The VM gets to the desktop within a few seconds with autologin and automatic X
starting, and is lighting fast (zoom and teams still a bit slow but everything
else is instant).

I set the Openbox menu to only contain the items I need - Zoom, unofficial
teams-for-linux, v4l2 (webcam) test&configuration utility, pavucontrol (volume
control), SimpleScreenRecorder, Thunar (file explorer) with my shared folder
to get recordings out of the VM, and a shortcut to a .txt with my Zoom meeting
IDs and passwords (Mousepad as the editor).
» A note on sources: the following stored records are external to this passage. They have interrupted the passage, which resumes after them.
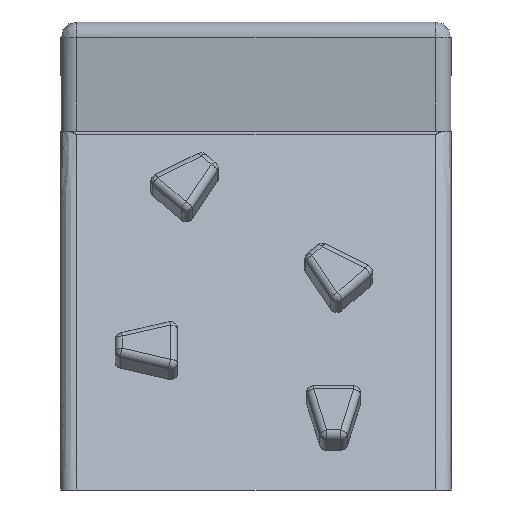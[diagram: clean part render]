
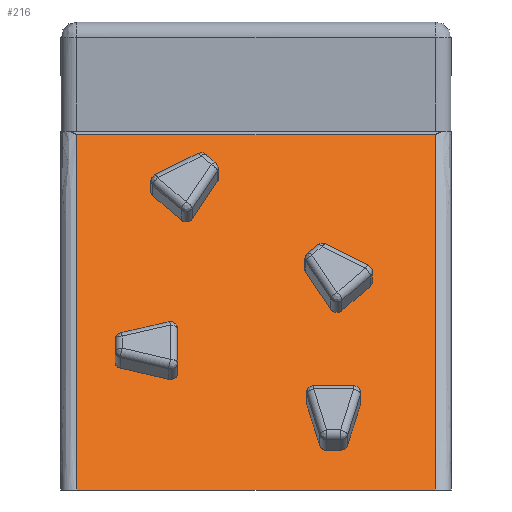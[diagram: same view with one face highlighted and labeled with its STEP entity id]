
A CAD part, front view. The second image highlights one B-rep face of the part: STEP entity #216.
In plain terms, the highlighted planar face has unit normal (0, -0.854, 0.52).
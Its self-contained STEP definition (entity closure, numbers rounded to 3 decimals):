
#216=ADVANCED_FACE('',(#383),#2236,.T.);
#383=FACE_OUTER_BOUND('',#550,.T.);
#550=EDGE_LOOP('',(#1183,#1184,#1185,#1186));
#1183=ORIENTED_EDGE('',*,*,#1559,.T.);
#1184=ORIENTED_EDGE('',*,*,#1567,.T.);
#1185=ORIENTED_EDGE('',*,*,#1554,.F.);
#1186=ORIENTED_EDGE('',*,*,#1566,.T.);
#1554=EDGE_CURVE('',#2119,#2116,#1665,.T.);
#1559=EDGE_CURVE('',#2124,#2121,#1669,.T.);
#1566=EDGE_CURVE('',#2119,#2124,#1907,.T.);
#1567=EDGE_CURVE('',#2121,#2116,#1908,.T.);
#1665=(
BOUNDED_CURVE()
B_SPLINE_CURVE(3,(#4246,#4247,#4248,#4249),.UNSPECIFIED.,.F.,.F.)
B_SPLINE_CURVE_WITH_KNOTS((4,4),(-533.459,0.),.UNSPECIFIED.)
CURVE()
GEOMETRIC_REPRESENTATION_ITEM()
RATIONAL_B_SPLINE_CURVE((1.,1.,1.,1.))
REPRESENTATION_ITEM('')
);
#1669=(
BOUNDED_CURVE()
B_SPLINE_CURVE(3,(#4276,#4277,#4278,#4279),.UNSPECIFIED.,.F.,.F.)
B_SPLINE_CURVE_WITH_KNOTS((4,4),(-533.459,0.),.UNSPECIFIED.)
CURVE()
GEOMETRIC_REPRESENTATION_ITEM()
RATIONAL_B_SPLINE_CURVE((1.,1.,1.,1.))
REPRESENTATION_ITEM('')
);
#1907=B_SPLINE_CURVE_WITH_KNOTS('',1,(#4292,#4293),.UNSPECIFIED.,.F.,.F.,
(2,2),(20.,480.),.UNSPECIFIED.);
#1908=B_SPLINE_CURVE_WITH_KNOTS('',1,(#4294,#4295),.UNSPECIFIED.,.F.,.F.,
(2,2),(20.,480.),.UNSPECIFIED.);
#2116=VERTEX_POINT('',#4209);
#2119=VERTEX_POINT('',#4212);
#2121=VERTEX_POINT('',#4214);
#2124=VERTEX_POINT('',#4217);
#2236=PLANE('',#2423);
#2423=AXIS2_PLACEMENT_3D('',#4197,#2537,$);
#2537=DIRECTION('',(0.,-0.854,0.52));
#4197=CARTESIAN_POINT('',(-250.,-270.,460.));
#4209=CARTESIAN_POINT('',(230.,-550.,0.));
#4212=CARTESIAN_POINT('',(230.,-272.63,455.68));
#4214=CARTESIAN_POINT('',(-230.,-550.,0.));
#4217=CARTESIAN_POINT('',(-230.,-272.63,455.68));
#4246=CARTESIAN_POINT('',(230.,-272.63,455.68));
#4247=CARTESIAN_POINT('',(230.,-365.087,303.786));
#4248=CARTESIAN_POINT('',(230.,-457.543,151.893));
#4249=CARTESIAN_POINT('',(230.,-550.,0.));
#4276=CARTESIAN_POINT('',(-230.,-272.63,455.68));
#4277=CARTESIAN_POINT('',(-230.,-365.087,303.786));
#4278=CARTESIAN_POINT('',(-230.,-457.543,151.893));
#4279=CARTESIAN_POINT('',(-230.,-550.,0.));
#4292=CARTESIAN_POINT('',(230.,-272.63,455.68));
#4293=CARTESIAN_POINT('',(-230.,-272.63,455.68));
#4294=CARTESIAN_POINT('',(-230.,-550.,0.));
#4295=CARTESIAN_POINT('',(230.,-550.,0.));
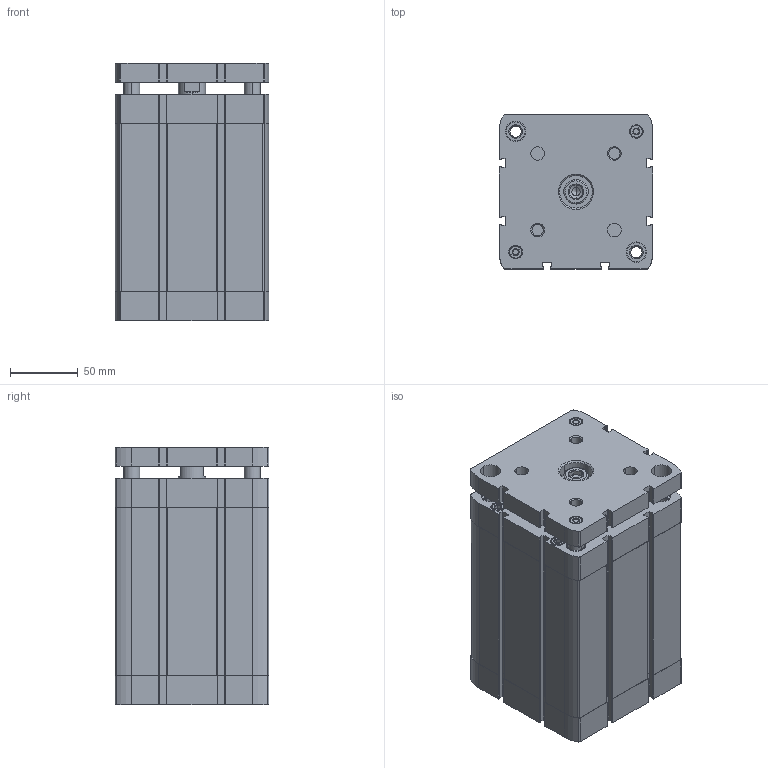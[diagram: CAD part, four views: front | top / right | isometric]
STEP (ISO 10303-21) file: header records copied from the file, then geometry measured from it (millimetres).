
FILE_DESCRIPTION (( 'STEP AP203' ), '1' );
FILE_NAME ('CCNG100-100.STEP', '2017-04-20T18:20:00', ( '' ), ( '' ), 'SwSTEP 2.0', 'SolidWorks 2016', '' );
FILE_SCHEMA (( 'CONFIG_CONTROL_DESIGN' ));
Length unit declared in the file: millimetre
Products named in the file (3): CCNG-100-100----(KS); CCNG100-100; CCNG-100-100---(Z)
Assembly tree (2 placements, depth 2):
  CCNG100-100
    CCNG-100-100---(Z)
    CCNG-100-100----(KS)
Bounding box: 113.5 x 113.5 x 190 mm (x, y, z)
Volume: 1448633.7 mm3; surface area: 275972.3 mm2
Topology: 2 solids, 4 shells, 797 faces, 2096 edges, 1345 vertices
Faces by surface type: plane 343, cylinder 304, cone 144, bspline 6
Entity records: 25477 total; most frequent: CARTESIAN_POINT 5009, DIRECTION 4394, ORIENTED_EDGE 4156, EDGE_CURVE 2078, AXIS2_PLACEMENT_3D 1614, VERTEX_POINT 1345, VECTOR 1166, LINE 1166
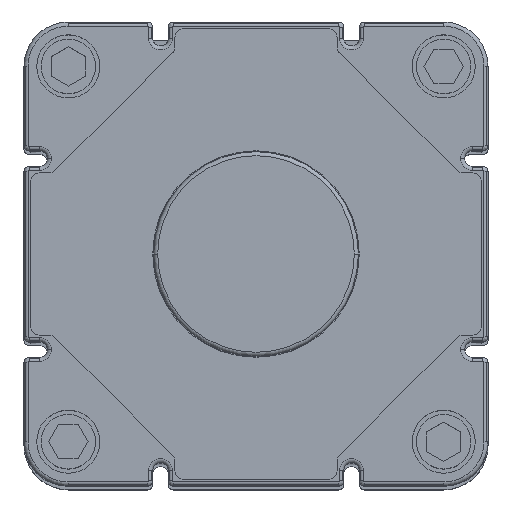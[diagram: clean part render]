
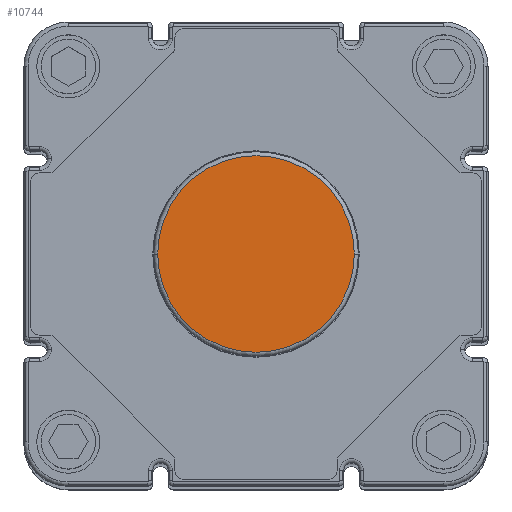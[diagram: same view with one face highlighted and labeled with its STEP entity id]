
A CAD part, top view. The second image highlights one B-rep face of the part: STEP entity #10744.
In plain terms, the highlighted planar face has unit normal (0, 0, 1).
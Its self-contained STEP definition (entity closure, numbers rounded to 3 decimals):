
#4200=CARTESIAN_POINT('',(-51.3,22.5,623.5));
#4201=VERTEX_POINT('',#4200);
#4209=CARTESIAN_POINT('',(6.3,22.5,623.5));
#4210=VERTEX_POINT('',#4209);
#4211=CARTESIAN_POINT('',(-22.5,22.5,623.5));
#4212=DIRECTION('',(0.0,0.0,-1.0));
#4213=DIRECTION('',(-1.0,0.0,0.0));
#4214=AXIS2_PLACEMENT_3D('',#4211,#4212,#4213);
#4215=CIRCLE('',#4214,28.8);
#4216=EDGE_CURVE('',#4201,#4210,#4215,.T.);
#10713=CARTESIAN_POINT('',(-22.5,22.5,623.5));
#10714=DIRECTION('',(0.0,0.0,-1.0));
#10715=DIRECTION('',(-1.0,0.0,0.0));
#10716=AXIS2_PLACEMENT_3D('',#10713,#10714,#10715);
#10717=CIRCLE('',#10716,28.8);
#10718=EDGE_CURVE('',#4210,#4201,#10717,.T.);
#10735=CARTESIAN_POINT('',(21.25,-21.25,623.5));
#10736=DIRECTION('',(0.0,0.0,1.0));
#10737=DIRECTION('',(1.0,0.0,0.0));
#10738=AXIS2_PLACEMENT_3D('',#10735,#10736,#10737);
#10739=PLANE('',#10738);
#10740=ORIENTED_EDGE('',*,*,#10718,.F.);
#10741=ORIENTED_EDGE('',*,*,#4216,.F.);
#10742=EDGE_LOOP('',(#10740,#10741));
#10743=FACE_OUTER_BOUND('',#10742,.T.);
#10744=ADVANCED_FACE('',(#10743),#10739,.T.);

It'd be nice to make a compact disk image from this and distribute it, but
there are some machine-specific things that need to be configured for the VM -
not hard, but you can't make it a zero-configuration download-and-run type
thing (shared folders, selecting USB passthrough for webcam, configuring
resource allocation to the vm, etc.). Installing Arch takes about 10 minutes
and installing+configuring all the GUI software takes maybe 60 minutes more.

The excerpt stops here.